Big Bottom was formed in 1997 when Stenger recruited visual artists Angela Bulloch, Cerith Wyn Evans and Tom Gidley, as well as bassist J. Mitch Flacko, to join her in what Art Monthly has described as a serious performance-art endeavour "carried along by a dash of the idiocy of Spinal Tap." Stenger's music for Big Bottom explores the fundamentals of sound and structure through the primal power of five electric basses and a drum machine, incorporating both original material and fragments of familiar riffs. Upon hearing the band play, dancer/choreographer Michael Clark invited Stenger and Big Bottom to appear in his 1998 comeback show, current/SEE, for which Stenger composed new solo work as well as pieces for the full band. They toured together in the UK and Europe, playing live in a Stonehenge-like array that provided both music and set for the dancers. In addition to touring with Clark's company, Big Bottom has performed in such contrasting venues as London's Scala and The Disobey Club (with Japanese noise band Merzbow) and Zurich's Museum For Contemporary Art, and can be heard on Candy Record's We Love You compilation of art/music productions. Stenger composed and performed music for fashion designer Hussein Chalayan's October 2002 show in Paris, for which she assembled a band that included Michael Clark and Chalayan himself on bass, as well as regulars Wyn Evans and Flacko. Other Bottoms have included Gina Birch, formerly of The Raincoats. Big Bottom will perform at Berlin's Volksbuhne on New Year's Eve, 2005, opening for Throbbing Gristle.

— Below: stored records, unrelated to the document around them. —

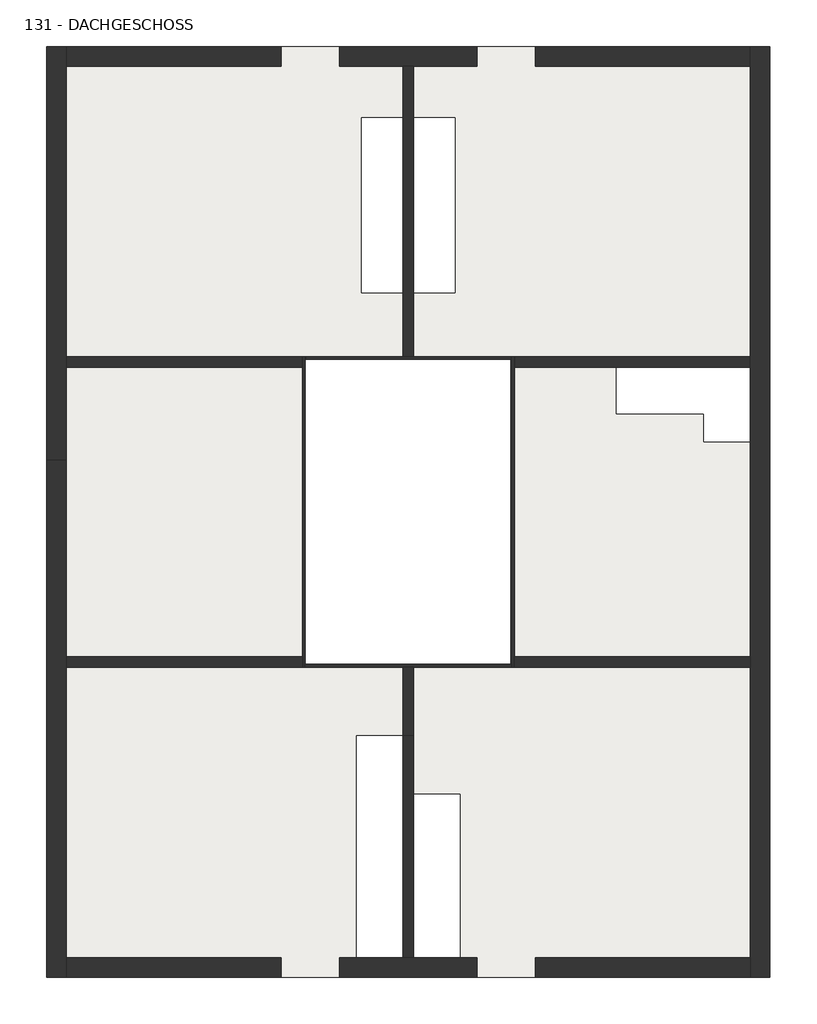
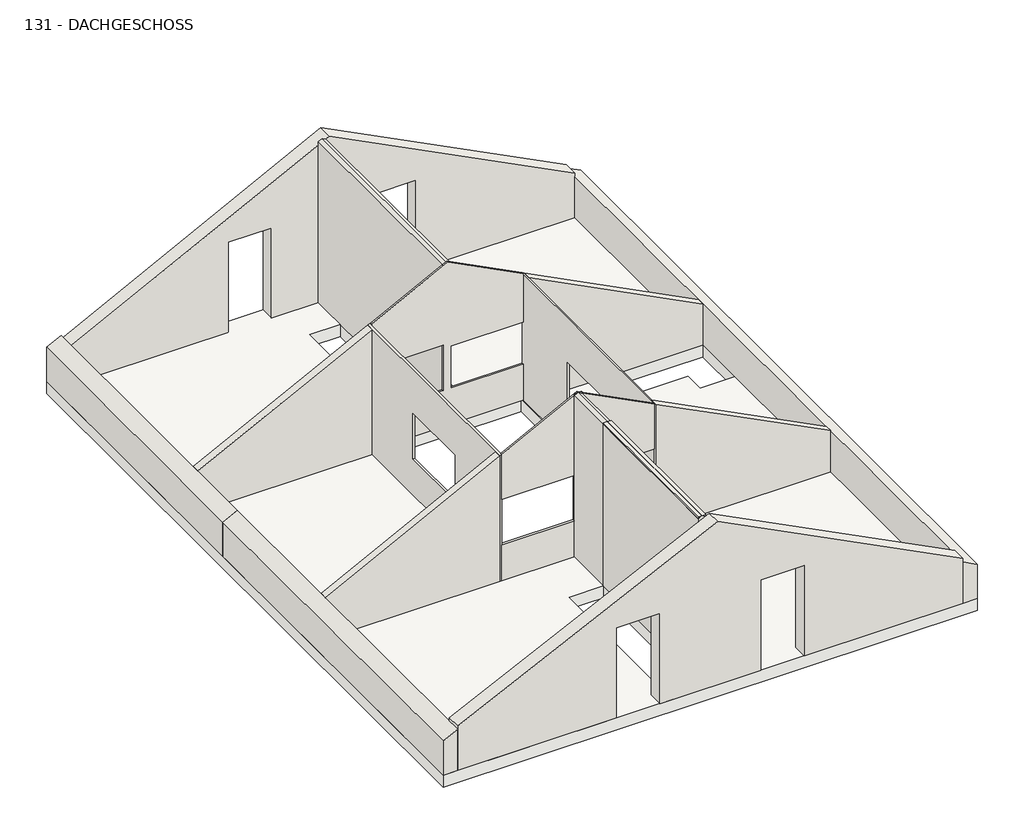
# One storey: 16 walls, 1 slab.
"""IFC4 building model written with IfcOpenShell, lengths in millimetres."""

import ifcopenshell
import ifcopenshell.guid

model = None  # the IFC model being written
_history = None  # IfcOwnerHistory: only IFC2X3 demands one
_inside = {}  # id of a spatial element -> (the spatial element, [elements in it])
_under = {}  # id of a project, library or spatial element -> (it, [spatial elements below it])
_declared = {}  # id of a project -> (the project, [libraries it declares])
_typed = {}  # id of a type object -> (the type object, [elements of that type])
_made_of = {}  # id of a material, layer set ... -> (it, [elements and type objects made of it])


def new_model(schema):
    """Start an empty IFC model of exactly this schema.

    Asked for "IFC4X3", IfcOpenShell would pick the latest addendum, in which some entities
    have other attributes; the version numbers below select the first issue.
    IFC2X3 requires an IfcOwnerHistory on every rooted entity: one is made here for all.
    """
    global model, _history
    if schema == "IFC4X3":
        model = ifcopenshell.file(schema_version=(4, 3, 0, 0))
    else:
        model = ifcopenshell.file(schema=schema)
    _inside.clear()
    _under.clear()
    _declared.clear()
    _typed.clear()
    _made_of.clear()
    _history = None
    if model.schema == "IFC2X3":
        org = make("IfcOrganization", Name="unknown")
        user = make(
            "IfcPersonAndOrganization",
            ThePerson=make("IfcPerson", FamilyName="unknown"),
            TheOrganization=org,
        )
        app = make(
            "IfcApplication",
            ApplicationDeveloper=org,
            Version="unknown",
            ApplicationFullName="unknown",
            ApplicationIdentifier="unknown",
        )
        _history = make(
            "IfcOwnerHistory",
            OwningUser=user,
            OwningApplication=app,
            ChangeAction="ADDED",
            CreationDate=0,
        )
    return model


def make(cls, **values):
    """One entity of the class cls with the attributes given. An attribute that is None is left unset."""
    return model.create_entity(
        cls, **{name: value for name, value in values.items() if value is not None}
    )


def rooted(cls, **values):
    """An entity with a GlobalId (a new one), such as an element, a storey or a relation."""
    return make(cls, GlobalId=ifcopenshell.guid.new(), OwnerHistory=_history, **values)


def si_unit(unit_type, name, prefix=None):
    """IfcSIUnit, for example si_unit("LENGTHUNIT", "METRE", prefix="MILLI")."""
    return make("IfcSIUnit", UnitType=unit_type, Prefix=prefix, Name=name)


def assignment(units):
    """IfcUnitAssignment: the units of a project."""
    return None if units is None else make("IfcUnitAssignment", Units=units)


def point(xyz):
    """IfcCartesianPoint."""
    return None if xyz is None else make("IfcCartesianPoint", Coordinates=xyz)


def direction(xyz):
    """IfcDirection."""
    return None if xyz is None else make("IfcDirection", DirectionRatios=xyz)


def frame(location, z_axis=None, x_axis=None):
    """IfcAxis2Placement3D, a coordinate frame: its origin and axes. An axis left out is left unset."""
    return make(
        "IfcAxis2Placement3D",
        Location=point(location),
        Axis=direction(z_axis),
        RefDirection=direction(x_axis),
    )


def origin():
    """The frame at (0, 0, 0) with its axes left unset."""
    return frame((0.0, 0.0, 0.0))


def place(relative_to, where):
    """IfcLocalPlacement: puts the frame where relative to a parent placement (None: the world)."""
    return make(
        "IfcLocalPlacement", PlacementRelTo=relative_to, RelativePlacement=where
    )


def context(
    kind, dimensions, precision=None, world=None, true_north=None, identifier=None
):
    """IfcGeometricRepresentationContext, for example the 3D "Model" context."""
    return make(
        "IfcGeometricRepresentationContext",
        ContextIdentifier=identifier,
        ContextType=kind,
        CoordinateSpaceDimension=dimensions,
        Precision=precision,
        WorldCoordinateSystem=world,
        TrueNorth=true_north,
    )


def project(units=None, contexts=None):
    """IfcProject with its units and contexts."""
    return rooted(
        "IfcProject",
        Name="project",
        RepresentationContexts=contexts,
        UnitsInContext=assignment(units),
    )


def spatial(cls, under=None, at=None, **own):
    """A site, building, storey or space (cls), placed at a placement, below another one or the project."""
    s = rooted(cls, ObjectPlacement=at, **own)
    if under is not None:
        _under.setdefault(under.id(), (under, []))[1].append(s)
    return s


def polyline(points):
    """IfcPolyline through the points."""
    return make("IfcPolyline", Points=[point(p) for p in points])


def outline(outer, holes=None, kind="AREA"):
    """IfcArbitraryClosedProfileDef: a profile drawn as a closed curve; with holes, ...WithVoids."""
    if holes is None:
        return make("IfcArbitraryClosedProfileDef", ProfileType=kind, OuterCurve=outer)
    return make(
        "IfcArbitraryProfileDefWithVoids",
        ProfileType=kind,
        OuterCurve=outer,
        InnerCurves=holes,
    )


def extrude(swept, where, along, depth):
    """IfcExtrudedAreaSolid: the profile swept, set in the frame where, extruded along a direction by depth."""
    return make(
        "IfcExtrudedAreaSolid",
        SweptArea=swept,
        Position=where,
        ExtrudedDirection=direction(along),
        Depth=depth,
    )


def faces_of(points, faces, orient=None, outer=None):
    """IfcFace entities. A face is a list of loops; a loop is a list of indices into points, from 0.

    orient and outer hold one flag for each loop. By default every Orientation is true, the
    first loop of a face is its IfcFaceOuterBound and the others are IfcFaceBound.
    """
    made = []
    for i, loops in enumerate(faces):
        bounds = []
        for j, loop in enumerate(loops):
            is_outer = j == 0 if outer is None else outer[i][j]
            bounds.append(
                make(
                    "IfcFaceOuterBound" if is_outer else "IfcFaceBound",
                    Bound=make("IfcPolyLoop", Polygon=[points[k] for k in loop]),
                    Orientation=True if orient is None else orient[i][j],
                )
            )
        made.append(make("IfcFace", Bounds=bounds))
    return made


def faceted_brep(points, faces, orient=None, outer=None, voids=None):
    """IfcFacetedBrep: a solid bounded by flat faces; with voids (closed shells), ...WithVoids."""
    shared = [point(p) for p in points]
    hull = make("IfcClosedShell", CfsFaces=faces_of(shared, faces, orient, outer))
    if voids is None:
        return make("IfcFacetedBrep", Outer=hull)
    return make(
        "IfcFacetedBrepWithVoids",
        Outer=hull,
        Voids=[
            make(cls, CfsFaces=faces_of(shared, fs, o, b)) for cls, fs, o, b in voids
        ],
    )


def shape(context_of_items, identifier, shape_type, items):
    """IfcShapeRepresentation: the items that make up one representation, for example the "Body"."""
    return make(
        "IfcShapeRepresentation",
        ContextOfItems=context_of_items,
        RepresentationIdentifier=identifier,
        RepresentationType=shape_type,
        Items=items,
    )


def source(mapping_origin, context_of_items, identifier, shape_type, items):
    """IfcRepresentationMap: a shape defined once, which mapped items show again and again."""
    return make(
        "IfcRepresentationMap",
        MappingOrigin=mapping_origin,
        MappedRepresentation=shape(context_of_items, identifier, shape_type, items),
    )


def transform(
    local_origin,
    x_axis=None,
    y_axis=None,
    z_axis=None,
    scale=None,
    scale2=None,
    scale3=None,
    uniform=True,
):
    """IfcCartesianTransformationOperator3D, or its non-uniform kind. x_axis, y_axis, z_axis: its Axis1, 2, 3."""
    if uniform:
        return make(
            "IfcCartesianTransformationOperator3D",
            Axis1=direction(x_axis),
            Axis2=direction(y_axis),
            LocalOrigin=point(local_origin),
            Scale=scale,
            Axis3=direction(z_axis),
        )
    return make(
        "IfcCartesianTransformationOperator3DnonUniform",
        Axis1=direction(x_axis),
        Axis2=direction(y_axis),
        LocalOrigin=point(local_origin),
        Scale=scale,
        Axis3=direction(z_axis),
        Scale2=scale2,
        Scale3=scale3,
    )


def mapped(mapping_source, mapping_target):
    """IfcMappedItem: shows the shape of a source again, moved by a transform."""
    return make(
        "IfcMappedItem", MappingSource=mapping_source, MappingTarget=mapping_target
    )


def made_of(thing, what):
    """Note that an element or type object is made of a material, layer set ...; save() writes the relation."""
    if what is not None:
        _made_of.setdefault(what.id(), (what, []))[1].append(thing)
    return thing


def element(
    cls,
    number,
    at=None,
    inside=None,
    cuts=None,
    type_object=None,
    material=None,
    context=None,
    identifier="Body",
    shape_type=None,
    held_by="IfcProductDefinitionShape",
    body=None,
    shapes=None,
    **own,
):
    """One element of the class cls, such as IfcWall. Its Tag is "e" and its number.

    at: its placement. inside: the storey or other place that contains it. cuts: it is an
    opening in that element (IfcRelVoidsElement). A single representation is given by context,
    identifier, shape_type and body (its items); several are given by shapes. held_by: the class
    of the entity that holds the representations. save() writes the other relations.
    """
    e = rooted(cls, Tag="e%d" % number, ObjectPlacement=at, **own)
    if body is not None:
        shapes = [shape(context, identifier, shape_type, body)]
    if shapes is not None:
        e.Representation = make(held_by, Representations=shapes)
    if inside is not None:
        _inside.setdefault(inside.id(), (inside, []))[1].append(e)
    if cuts is not None:
        rooted(
            "IfcRelVoidsElement", RelatingBuildingElement=cuts, RelatedOpeningElement=e
        )
    if type_object is not None:
        _typed.setdefault(type_object.id(), (type_object, []))[1].append(e)
    return made_of(e, material)


def aggregate(whole, parts):
    """IfcRelAggregates: a whole, such as a stair, and the parts it consists of."""
    return rooted("IfcRelAggregates", RelatingObject=whole, RelatedObjects=parts)


def save(model, path):
    """Write the relations noted so far, then the file.

    IfcRelAggregates (storeys below a building ...), IfcRelContainedInSpatialStructure (elements
    in a storey), IfcRelDefinesByType, IfcRelAssociatesMaterial and IfcRelDeclares: one each for
    every whole, place, type object, material and project.
    """
    for whole, parts in _under.values():
        aggregate(whole, parts)
    for where, things in _inside.values():
        rooted(
            "IfcRelContainedInSpatialStructure",
            RelatedElements=things,
            RelatingStructure=where,
        )
    for kind, things in _typed.values():
        rooted("IfcRelDefinesByType", RelatedObjects=things, RelatingType=kind)
    for what, things in _made_of.values():
        rooted("IfcRelAssociatesMaterial", RelatedObjects=things, RelatingMaterial=what)
    for by, libraries in _declared.values():
        rooted("IfcRelDeclares", RelatingContext=by, RelatedDefinitions=libraries)
    model.write(path)


def slab_52cff1b9(model_context):
    return source(origin(), model_context, "Body", "SweptSolid", [
        extrude(outline(polyline([(172797.7593015, 28481.9343946), (158797.7593015, 28481.9343946), (158797.7593015, 46484.7962965), (172797.7593015, 46484.7962965), (172797.7593015, 28481.9343946)]), holes=[polyline([(167772.7593015, 40484.7962965), (163772.7593015, 40484.7962965), (163772.7593015, 34484.7962965), (167772.7593015, 34484.7962965), (167772.7593015, 40484.7962965)]), polyline([(165697.7593015, 33159.7962965), (164797.7593015, 33159.7962965), (164797.7593015, 28861.9343946), (165697.7593015, 28861.9343946), (165697.7593015, 33159.7962965)]), polyline([(165897.7593015, 32021.9343946), (165897.7593015, 29779.7962965), (165897.7593015, 28861.9343946), (166797.7593015, 28861.9343946), (166797.7593015, 32021.9343946), (165897.7593015, 32021.9343946)]), polyline([(171517.7593015, 38844.7962965), (172417.7593015, 38844.7962965), (172417.7593015, 40284.7962965), (169822.7593015, 40284.7962965), (169822.7593015, 39384.7962965), (171517.7593015, 39384.7962965), (171517.7593015, 38844.7962965)]), polyline([(165897.7593015, 45104.7962965), (165897.7593015, 41724.7962965), (166697.7593015, 41724.7962965), (166697.7593015, 45104.7962965), (165897.7593015, 45104.7962965)]), polyline([(164897.7593015, 41724.7962965), (165697.7593015, 41724.7962965), (165697.7593015, 45104.7962965), (164897.7593015, 45104.7962965), (164897.7593015, 41724.7962965)])]), frame((0.0, 0.0, 5830.0), z_axis=(0.0, 0.0, 1.0), x_axis=(1.0, 0.0, 0.0)), (0.0, 0.0, 1.0), 330.0),
    ])


model = new_model("IFC4")

# Units and contexts
model_context = context("Model", 3, world=origin())
ifc_project = project(units=[si_unit("LENGTHUNIT", "METRE", prefix="MILLI")], contexts=[model_context])

# Site, building, storey
site = spatial("IfcSite", under=ifc_project)
building = spatial("IfcBuilding", under=site)
storey = spatial("IfcBuildingStorey", under=building, Name="131 - DACHGESCHOSS", Elevation=5650.0)

# Slab
placement = place(None, origin())
slab_shape = slab_52cff1b9(model_context)
element("IfcSlab", 1, ObjectType="Holzdecke 142136 : Holzdecke 142136", at=placement, inside=storey, context=model_context, shape_type="MappedRepresentation", body=[
    mapped(slab_shape, transform((-157297.7593015, -26934.7962965, 0.0), x_axis=(1.0, 0.0, 0.0), y_axis=(0.0, 1.0, 0.0), z_axis=(0.0, 0.0, 1.0))),
])

# Walls
element("IfcWall", 2, ObjectType="Holzwand", at=placement, inside=storey, context=model_context, shape_type="SweptSolid", body=[
    extrude(outline(polyline([(6160.0, 10550.0), (6160.0, 15120.0), (7303.6196708, 15120.0), (9632.150975, 10550.0), (6160.0, 10550.0)])), frame((0.0, 7550.0, 0.0), z_axis=(0.0, 1.0, 0.0), x_axis=(0.0, 0.0, 1.0)), (0.0, 0.0, 1.0), 200.0),
])
element("IfcWall", 3, ObjectType="Holzwand:1197", at=placement, inside=storey, context=model_context, shape_type="SweptSolid", body=[
    extrude(outline(polyline([(6160.0, 1880.0), (6160.0, 6450.0), (9632.150975, 6450.0), (7303.6196708, 1880.0), (6160.0, 1880.0)])), frame((0.0, 7550.0, 0.0), z_axis=(0.0, 1.0, 0.0), x_axis=(0.0, 0.0, 1.0)), (0.0, 0.0, 1.0), 200.0),
])
element("IfcWall", 4, ObjectType="Holzwand:1195", at=placement, inside=storey, context=model_context, shape_type="SweptSolid", body=[
    extrude(outline(polyline([(6160.0, 10550.0), (6160.0, 15120.0), (7303.6196708, 15120.0), (9632.150975, 10550.0), (6160.0, 10550.0)])), frame((0.0, 13350.0, 0.0), z_axis=(0.0, 1.0, 0.0), x_axis=(0.0, 0.0, 1.0)), (0.0, 0.0, 1.0), 200.0),
])
element("IfcWall", 5, ObjectType="Holzwand:1193", at=placement, inside=storey, context=model_context, shape_type="SweptSolid", body=[
    extrude(outline(polyline([(6160.0, 1880.0), (6160.0, 6450.0), (9632.150975, 6450.0), (7303.6196708, 1880.0), (6160.0, 1880.0)])), frame((0.0, 13350.0, 0.0), z_axis=(0.0, 1.0, 0.0), x_axis=(0.0, 0.0, 1.0)), (0.0, 0.0, 1.0), 200.0),
])
element("IfcWall", 6, ObjectType=" ", at=placement, inside=storey, context=model_context, shape_type="Brep", body=[
    faceted_brep([(6500.0, 7550.0, 6160.0), (6500.0, 7600.0, 6160.0), (6500.0, 13550.0, 6160.0), (6500.0, 13550.0, 9657.6272475), (6500.0, 7600.0, 9657.6272475), (6500.0, 7550.0, 9657.6272475), (6500.0, 7550.0, 8420.0), (6500.0, 7550.0, 7160.0), (6500.0, 11500.0, 8420.0), (6500.0, 11500.0, 7160.0), (6500.0, 9600.0, 7160.0), (6500.0, 9600.0, 8420.0), (6450.0, 13550.0, 6160.0), (6450.0, 7550.0, 6160.0), (6450.0, 7550.0, 9632.150975), (6450.0, 13550.0, 9632.150975), (6450.0, 11500.0, 7160.0), (6450.0, 11500.0, 8420.0), (6450.0, 9600.0, 8420.0), (6450.0, 9600.0, 7160.0)], [[[0, 1, 2, 3, 4, 5, 6, 7], [8, 9, 10, 11]], [[12, 13, 14, 15], [16, 17, 18, 19]], [[2, 1, 0, 13, 12]], [[5, 4, 3, 15, 14]], [[8, 17, 16, 9]], [[17, 8, 11, 18]], [[18, 11, 10, 19]], [[9, 16, 19, 10]], [[0, 7, 6, 5, 14, 13]], [[3, 2, 12, 15]]]),
])
element("IfcWall", 7, ObjectType=" :1188", at=placement, inside=storey, context=model_context, shape_type="Brep", body=[
    faceted_brep([(10500.0, 7600.0, 6160.0), (6500.0, 7600.0, 6160.0), (6500.0, 7600.0, 7160.0), (8400.0, 7600.0, 7160.0), (8400.0, 7600.0, 8420.0), (6500.0, 7600.0, 8420.0), (6500.0, 7600.0, 9657.6272475), (8500.0, 7600.0, 10676.6781465), (10500.0, 7600.0, 9657.6272475), (10500.0, 7600.0, 8420.0), (8607.9636779, 7600.0, 8420.0), (8607.9636779, 7600.0, 7160.0), (10500.0, 7600.0, 7160.0), (6500.0, 7550.0, 6160.0), (10500.0, 7550.0, 6160.0), (10500.0, 7550.0, 7160.0), (8607.9636779, 7550.0, 7160.0), (8607.9636779, 7550.0, 8420.0), (10500.0, 7550.0, 8420.0), (10500.0, 7550.0, 9657.6272475), (8600.0, 7550.0, 10625.7256015), (8600.0, 7550.0, 10676.6781465), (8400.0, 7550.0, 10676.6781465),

Her 96-day musical installation, Soundtrack For An Exhibition, opened at Le Musée d'Art Contemporain in Lyon, France on March 7, 2006, and includes contributions from Robert Poss, Alan Vega, Alexander Hacke, Kim Gordon, Mika Vainio, Ulrich Krieger and Jennifer Hoyston among others. [Link]
In addition to her own work, Stenger continues to perform the music of other composers on flute, guitar and bass, most recently that of F. M. Einheit in Paradise Lost And Found, a 2004 production at Munich's Haus Der Kunst based on Milton's Paradise Lost. She has also toured America with The Creatures and John Cale and for three years performed regularly as a bassist with Nick Cave in a band that also included Jim White and Warren Ellis of the Dirty Three. Read more about Susan Stenger on Last.fm. User-contributed text is available under the Creative Commons By-SA License; additional terms may apply.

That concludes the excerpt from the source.